Tohono O’odham Nation Tribal Leaders Say Wall With Mexico Will Not Be Built On Their Land

FILE - This Oct. 2, 2012 file photo shows U.S. Border Patrol agents patrolling the border fence near Naco, Ariz. In the midst of a national conversation about immigration reform, where questions of border security figure heavily, the Obama administration switched from daily declarations that the border with Mexico is as secure as it's ever been to warning of the increasingly dire implications of hacking $754 million from Customs and Border Protection among nearly $3 billion from the Department of Homeland Security in the remaining half of the fiscal year. The cuts have affected the border and immigration enforcement in various ways, most visibly with the release of more than 2,000 immigrants from detention centers in states including Arizona, California, Florida, Georgia and Texas (AP Photo/Ross D. Franklin, file)

U.S. Border Patrol agents patrolling the border fence near Naco, Ariz. (AP/Ross D. Franklin)

Tribal leadership of Tohono O’odham Nation in southern Arizona said they won’t support a border wall project on their land.
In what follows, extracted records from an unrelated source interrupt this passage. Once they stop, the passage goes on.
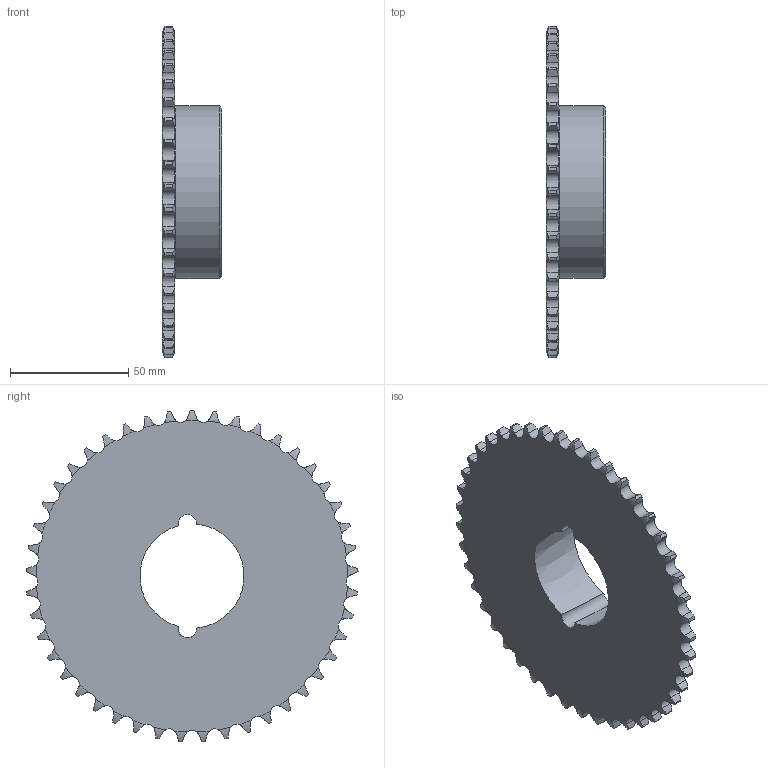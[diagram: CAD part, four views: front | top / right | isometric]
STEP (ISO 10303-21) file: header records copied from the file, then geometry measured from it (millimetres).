
FILE_DESCRIPTION(/* description */ (''),/* implementation_level */ '2;1');
FILE_NAME(/* name */ 'C:\Users\stagistaCAD\Desktop\17109045.stp',/* time_stamp */ '2018-06-18T09:05:23+02:00',/* author */ ('stagistacad'),/* organization */ (''),/* preprocessor_version */ 'ST-DEVELOPER v15.6',/* originating_system */ 'Autodesk Inventor 2015',/* authorisation */ '');
FILE_SCHEMA (('AUTOMOTIVE_DESIGN { 1 0 10303 214 3 1 1 }'));
Length unit declared in the file: millimetre
Products named in the file (1): 17109045
Bounding box: 25 x 140.16 x 140.07 mm (x, y, z)
Volume: 114017 mm3; surface area: 36250.1 mm2
Topology: 1 solids, 1 shells, 282 faces, 835 edges, 556 vertices
Faces by surface type: cylinder 184, torus 91, cone 4, plane 3
Full cylindrical faces by diameter (mm): 73 x1
Entity records: 10470 total; most frequent: CARTESIAN_POINT 3354, ORIENTED_EDGE 1664, DIRECTION 1316, EDGE_CURVE 832, AXIS2_PLACEMENT_3D 568, VERTEX_POINT 556, B_SPLINE_CURVE_WITH_KNOTS 367, EDGE_LOOP 288

Part of their reservation extends into Mexico and covers 75 miles of the international border.

The tribe’s chairman and vice chair said the plan was always to try to work with whoever holds the office of the United States President. But, they added, it’s still too early to tell exactly how Donald Trump’s administration will impact the tribe.

Vice Chairman Verlon Jose explained tribal members have traversed their ancestral land since time immemorial, and a wall of any sort would not be supported by the community.

“Over my dead body will a wall be built,” Jose said, describing some community members’ sentiments. “I don’t wish to die but I do wish to work together with people so we can truly protect the homeland of this place they call the United States of America. Not only for our people but for the American people.”

Jose said he invites president elect Trump to come down to the reservation to see why a physical wall, in his opinion, would not be a good idea for the tribe or the country.